Bryce notes that GE Vernova is by no means the only wind turbine manufacturer facing such problems. “Germany’s Siemens Energy also has announced it would take a $2.4 billion loss on its wind business due to quality problems with its wind turbines,” he points out. “And remember, these failures and losses are happening with onshore wind turbines. The looming operation and maintenance costs for offshore wind will be astronomical.” 

A Bad Bet

Predictions that such massive wind turbines may not be suitable for offshore environments have by no means been limited to skeptics of alternative energy, Bryce notes.

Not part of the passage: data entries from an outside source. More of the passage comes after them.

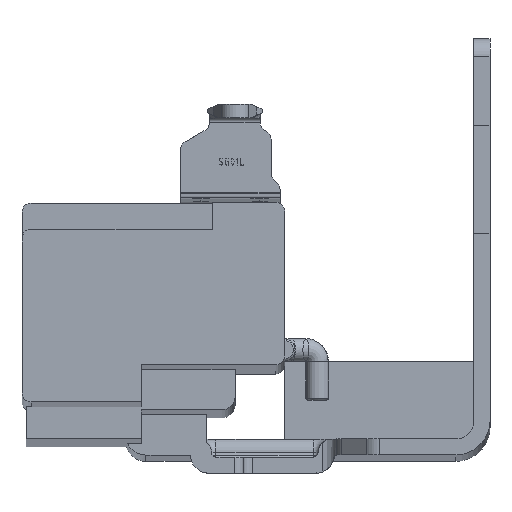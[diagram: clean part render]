
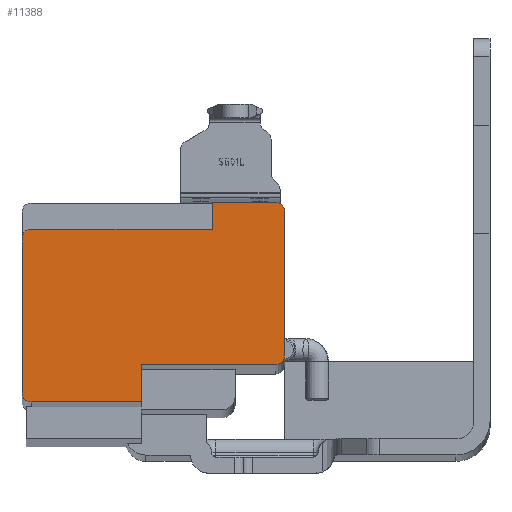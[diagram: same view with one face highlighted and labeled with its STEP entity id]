
A CAD part, top view. The second image highlights one B-rep face of the part: STEP entity #11388.
In plain terms, the highlighted planar face has unit normal (0, 0, 1).
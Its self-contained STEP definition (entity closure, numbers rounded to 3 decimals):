
#15 = CARTESIAN_POINT ( 'NONE',  ( -71.88, -17.1, 544.3 ) ) ;
#134 = VERTEX_POINT ( 'NONE', #3441 ) ;
#223 = DIRECTION ( 'NONE',  ( -1., 0., 0. ) ) ;
#260 = CARTESIAN_POINT ( 'NONE',  ( -42.85, -13., 544.3 ) ) ;
#511 = VECTOR ( 'NONE', #3727, 1000. ) ;
#566 = LINE ( 'NONE', #6983, #4997 ) ;
#682 = CARTESIAN_POINT ( 'NONE',  ( -42.85, 3., 544.3 ) ) ;
#846 = DIRECTION ( 'NONE',  ( 0., 0., -1. ) ) ;
#1004 = ORIENTED_EDGE ( 'NONE', *, *, #4882, .F. ) ;
#1028 = VERTEX_POINT ( 'NONE', #9201 ) ;
#1117 = DIRECTION ( 'NONE',  ( 0., -1., 0. ) ) ;
#1163 = ORIENTED_EDGE ( 'NONE', *, *, #6596, .T. ) ;
#1443 = CARTESIAN_POINT ( 'NONE',  ( -58.68, -14., 544.3 ) ) ;
#1961 = CARTESIAN_POINT ( 'NONE',  ( -40.3, -18.1, 544.3 ) ) ;
#2087 = AXIS2_PLACEMENT_3D ( 'NONE', #7713, #7747, #2414 ) ;
#2138 = CARTESIAN_POINT ( 'NONE',  ( -43.85, -13., 544.3 ) ) ;
#2147 = CARTESIAN_POINT ( 'NONE',  ( -50.85, 1., 544.3 ) ) ;
#2252 = VERTEX_POINT ( 'NONE', #260 ) ;
#2276 = LINE ( 'NONE', #2584, #9106 ) ;
#2357 = EDGE_CURVE ( 'NONE', #9022, #2395, #5290, .T. ) ;
#2395 = VERTEX_POINT ( 'NONE', #682 ) ;
#2414 = DIRECTION ( 'NONE',  ( -1., 0., 0. ) ) ;
#2584 = CARTESIAN_POINT ( 'NONE',  ( -58.68, 0., 544.3 ) ) ;
#2595 = AXIS2_PLACEMENT_3D ( 'NONE', #6170, #846, #7035 ) ;
#2704 = VERTEX_POINT ( 'NONE', #5241 ) ;
#2996 = DIRECTION ( 'NONE',  ( -1., 0., 0. ) ) ;
#3018 = VERTEX_POINT ( 'NONE', #10048 ) ;
#3199 = CIRCLE ( 'NONE', #2595, 0.97 ) ;
#3378 = DIRECTION ( 'NONE',  ( -1., 0., 0. ) ) ;
#3416 = DIRECTION ( 'NONE',  ( 0., 0., -1. ) ) ;
#3441 = CARTESIAN_POINT ( 'NONE',  ( -50.85, 4., 544.3 ) ) ;
#3488 = EDGE_CURVE ( 'NONE', #8850, #8304, #2276, .T. ) ;
#3535 = CARTESIAN_POINT ( 'NONE',  ( -48.65, 4., 544.3 ) ) ;
#3727 = DIRECTION ( 'NONE',  ( 1., 0., 0. ) ) ;
#4104 = LINE ( 'NONE', #10583, #6502 ) ;
#4110 = EDGE_CURVE ( 'NONE', #3018, #134, #9098, .T. ) ;
#4161 = CARTESIAN_POINT ( 'NONE',  ( -43.85, 3., 544.3 ) ) ;
#4303 = CARTESIAN_POINT ( 'NONE',  ( -58.68, -18.1, 544.3 ) ) ;
#4516 = ORIENTED_EDGE ( 'NONE', *, *, #3488, .F. ) ;
#4875 = VERTEX_POINT ( 'NONE', #9704 ) ;
#4882 = EDGE_CURVE ( 'NONE', #9675, #2704, #3199, .T. ) ;
#4897 = EDGE_CURVE ( 'NONE', #3018, #2704, #7960, .T. ) ;
#4932 = EDGE_CURVE ( 'NONE', #134, #9022, #5309, .T. ) ;
#4997 = VECTOR ( 'NONE', #6095, 1000. ) ;
#5043 = ORIENTED_EDGE ( 'NONE', *, *, #4932, .F. ) ;
#5231 = LINE ( 'NONE', #1961, #511 ) ;
#5241 = CARTESIAN_POINT ( 'NONE',  ( -70.91, 1., 544.3 ) ) ;
#5290 = CIRCLE ( 'NONE', #6468, 1. ) ;
#5309 = LINE ( 'NONE', #3535, #7398 ) ;
#5505 = EDGE_CURVE ( 'NONE', #4875, #8850, #566, .T. ) ;
#5543 = DIRECTION ( 'NONE',  ( 0., 0., -1. ) ) ;
#5667 = CIRCLE ( 'NONE', #11009, 1. ) ;
#5672 = EDGE_LOOP ( 'NONE', ( #1163, #7395, #6033, #4516, #7979, #7758, #11484, #11255, #5043, #10299, #7792, #1004 ) ) ;
#6033 = ORIENTED_EDGE ( 'NONE', *, *, #7059, .T. ) ;
#6095 = DIRECTION ( 'NONE',  ( -1., 0., 0. ) ) ;
#6142 = DIRECTION ( 'NONE',  ( 0., -1., 0. ) ) ;
#6170 = CARTESIAN_POINT ( 'NONE',  ( -70.91, 0.03, 544.3 ) ) ;
#6444 = CARTESIAN_POINT ( 'NONE',  ( -71.88, 0., 544.3 ) ) ;
#6449 = VERTEX_POINT ( 'NONE', #15 ) ;
#6468 = AXIS2_PLACEMENT_3D ( 'NONE', #4161, #3416, #3378 ) ;
#6502 = VECTOR ( 'NONE', #6142, 1000. ) ;
#6596 = EDGE_CURVE ( 'NONE', #9675, #6449, #9706, .T. ) ;
#6708 = VECTOR ( 'NONE', #7453, 1000. ) ;
#6983 = CARTESIAN_POINT ( 'NONE',  ( -40.3, -14., 544.3 ) ) ;
#7035 = DIRECTION ( 'NONE',  ( -1., 0., 0. ) ) ;
#7059 = EDGE_CURVE ( 'NONE', #1028, #8304, #5231, .T. ) ;
#7395 = ORIENTED_EDGE ( 'NONE', *, *, #9111, .F. ) ;
#7398 = VECTOR ( 'NONE', #8889, 1000. ) ;
#7453 = DIRECTION ( 'NONE',  ( 0., 1., 0. ) ) ;
#7621 = CIRCLE ( 'NONE', #10943, 1. ) ;
#7713 = CARTESIAN_POINT ( 'NONE',  ( -40.3, 0., 544.3 ) ) ;
#7747 = DIRECTION ( 'NONE',  ( 0., 0., 1. ) ) ;
#7758 = ORIENTED_EDGE ( 'NONE', *, *, #10021, .F. ) ;
#7792 = ORIENTED_EDGE ( 'NONE', *, *, #4897, .T. ) ;
#7960 = LINE ( 'NONE', #10615, #10073 ) ;
#7961 = DIRECTION ( 'NONE',  ( -1., 0., 0. ) ) ;
#7979 = ORIENTED_EDGE ( 'NONE', *, *, #5505, .F. ) ;
#8304 = VERTEX_POINT ( 'NONE', #4303 ) ;
#8362 = DIRECTION ( 'NONE',  ( 0., 0., -1. ) ) ;
#8838 = DIRECTION ( 'NONE',  ( 0., -1., 0. ) ) ;
#8850 = VERTEX_POINT ( 'NONE', #1443 ) ;
#8889 = DIRECTION ( 'NONE',  ( 1., 0., 0. ) ) ;
#8975 = EDGE_CURVE ( 'NONE', #2395, #2252, #4104, .T. ) ;
#9022 = VERTEX_POINT ( 'NONE', #10626 ) ;
#9098 = LINE ( 'NONE', #2147, #6708 ) ;
#9106 = VECTOR ( 'NONE', #8838, 1000. ) ;
#9111 = EDGE_CURVE ( 'NONE', #1028, #6449, #5667, .T. ) ;
#9201 = CARTESIAN_POINT ( 'NONE',  ( -70.88, -18.1, 544.3 ) ) ;
#9421 = VECTOR ( 'NONE', #1117, 1000. ) ;
#9675 = VERTEX_POINT ( 'NONE', #10879 ) ;
#9704 = CARTESIAN_POINT ( 'NONE',  ( -43.85, -14., 544.3 ) ) ;
#9706 = LINE ( 'NONE', #6444, #9421 ) ;
#10021 = EDGE_CURVE ( 'NONE', #2252, #4875, #7621, .T. ) ;
#10048 = CARTESIAN_POINT ( 'NONE',  ( -50.85, 1., 544.3 ) ) ;
#10073 = VECTOR ( 'NONE', #7961, 1000. ) ;
#10299 = ORIENTED_EDGE ( 'NONE', *, *, #4110, .F. ) ;
#10583 = CARTESIAN_POINT ( 'NONE',  ( -42.85, 0., 544.3 ) ) ;
#10615 = CARTESIAN_POINT ( 'NONE',  ( -41.05, 1., 544.3 ) ) ;
#10626 = CARTESIAN_POINT ( 'NONE',  ( -43.85, 4., 544.3 ) ) ;
#10879 = CARTESIAN_POINT ( 'NONE',  ( -71.88, 0.03, 544.3 ) ) ;
#10895 = CARTESIAN_POINT ( 'NONE',  ( -70.88, -17.1, 544.3 ) ) ;
#10943 = AXIS2_PLACEMENT_3D ( 'NONE', #2138, #8362, #2996 ) ;
#11009 = AXIS2_PLACEMENT_3D ( 'NONE', #10895, #5543, #223 ) ;
#11075 = FACE_OUTER_BOUND ( 'NONE', #5672, .T. ) ;
#11255 = ORIENTED_EDGE ( 'NONE', *, *, #2357, .F. ) ;
#11290 = PLANE ( 'NONE',  #2087 ) ;
#11388 = ADVANCED_FACE ( 'NONE', ( #11075 ), #11290, .T. ) ;
#11484 = ORIENTED_EDGE ( 'NONE', *, *, #8975, .F. ) ;
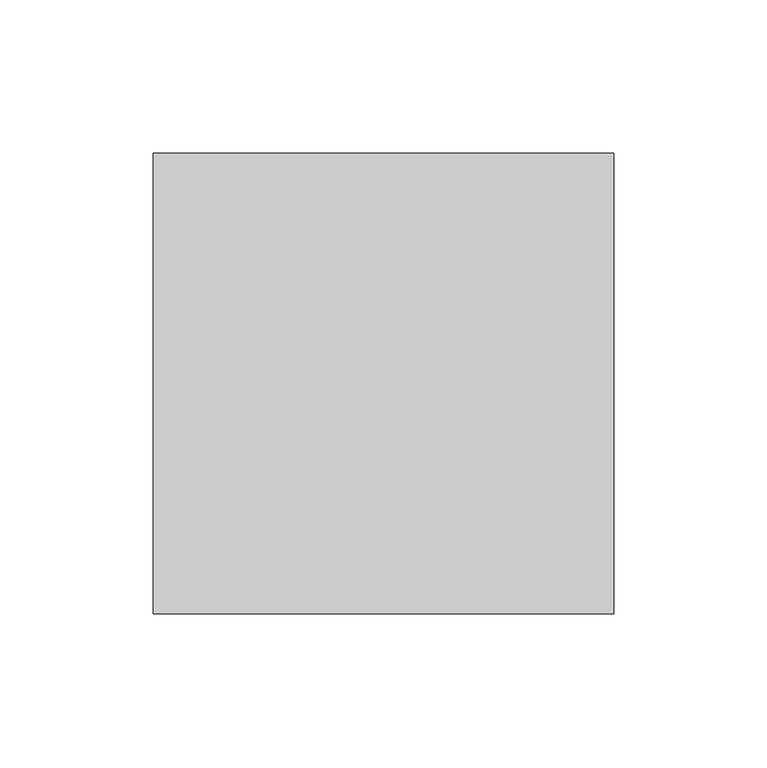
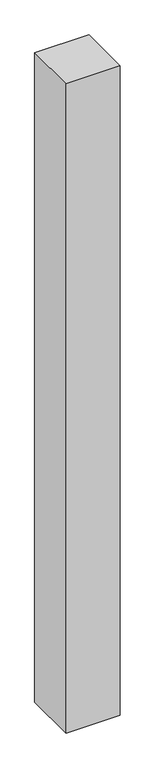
"""IFC4 building model written with IfcOpenShell, lengths in millimetres: member geometry, Угловой L-импост : Угловой L-импост."""

from ifc_helpers import new_model, si_unit, frame, origin, place, context, project, spatial, polyline, outline, extrude, source, transform, mapped, element, save


def member_248347da(model_context):
    return source(origin(), model_context, "Body", "SweptSolid", [
        extrude(outline(polyline([(-75.0, -75.0), (-75.0, 75.0), (75.0, 75.0), (75.0, -75.0), (-75.0, -75.0)])), frame((0.0, 0.0, -1900.0), z_axis=(0.0, 0.0, 1.0), x_axis=(1.0, 0.0, 0.0)), (0.0, 0.0, 1.0), 1900.0),
    ])


if __name__ == "__main__":
    model = new_model("IFC4")
    model_context = context("Model", 3, world=origin())
    ifc_project = project(units=[si_unit("LENGTHUNIT", "METRE", prefix="MILLI")], contexts=[model_context])
    site = spatial("IfcSite", under=ifc_project)
    building = spatial("IfcBuilding", under=site)
    placement = place(None, origin())
    member_shape = member_248347da(model_context)
    element("IfcMember", 1, ObjectType="Угловой L-импост : Угловой L-импост", at=placement, inside=building, context=model_context, shape_type="MappedRepresentation", body=[
        mapped(member_shape, transform((0.0, 0.0, 0.0), x_axis=(1.0, 0.0, 0.0), y_axis=(0.0, 1.0, 0.0), z_axis=(0.0, 0.0, 1.0))),
    ])
    save(model, "model.ifc")

“Among the most disgusting aspects of the offshore wind scam—including the fact that foreign companies are collecting billions of dollars in tax credits so they can industrialize our oceans and do harm to our fisheries, and the critically endangered North Atlantic Right Whale—is that the current disaster was easily foreseen,” he assesses, noting that in March 2023 at the CERAWeek energy conference, NextEra Energy Chief Executive Officer John Ketchum called offshore wind “a bad bet.”

“NextEra has been hyper-aggressive in its push to site solar and wind projects in rural communities across the country and Canada,” Bryce describes. “NextEra is the world’s largest producer of alt-energy, which means Ketchum knows the industry. Ketchum said of offshore wind, ‘We find it hard enough just to take care of a fleet on shore with some of the issues that we deal with as a company, and we are best in class.”

Bryce then cites a Reuters article that recounts the offshore challenges Ketchum mentions, including saltwater corrosion, the threat of hurricanes, vessel availability, the installation of subsea transmission cables and supply chain issues.

“The crucial part of Ketchum’s statement, is, of course, ‘the threat of hurricanes,’” Bryce muses. “If GE’s wind turbine blades are coming apart now, during a calm summer day, imagine the calamity when a large hurricane slams the Eastern Seaboard. The damage to turbines at Vineyard Wind and other offshore projects will be massive and the damage to beaches and fisheries will be enormous.”

Bryce’s article also features Nantucket fisherman and former select board member Bob DeCosta, who insists that offshore wind projects’ are exacting an environmental cost that appears likely to grow with time: “DeCosta is staggered by the size of the wind turbines and furious at how Nantucket’s residents and fishermen have been ignored. ‘There are other ways to produce energy without doing this to our oceans,’ he said. ‘I know a thing or two about the saltwater environment. I can’t imagine what it will take to keep these things running in salt water.’”

And what does DeCosta think a hurricane will do to an offshore wind installation? “We will be picking up the pieces from this on the beaches at Nantucket for the next 20 years,” Bryce quotes him. “When this stuff is obsolete, who’s going to pay to remove it? They are talking about a total of 1,400 of these things.”

But he is not giving up, Bryce adds. “DeCosta told me the turbine blade failure at Vineyard Wind is, in a way, good for opponents like him. ‘My hope is that we make enough of a stink that they don’t put up any more of these things. We aren’t giving up,’” he concludes.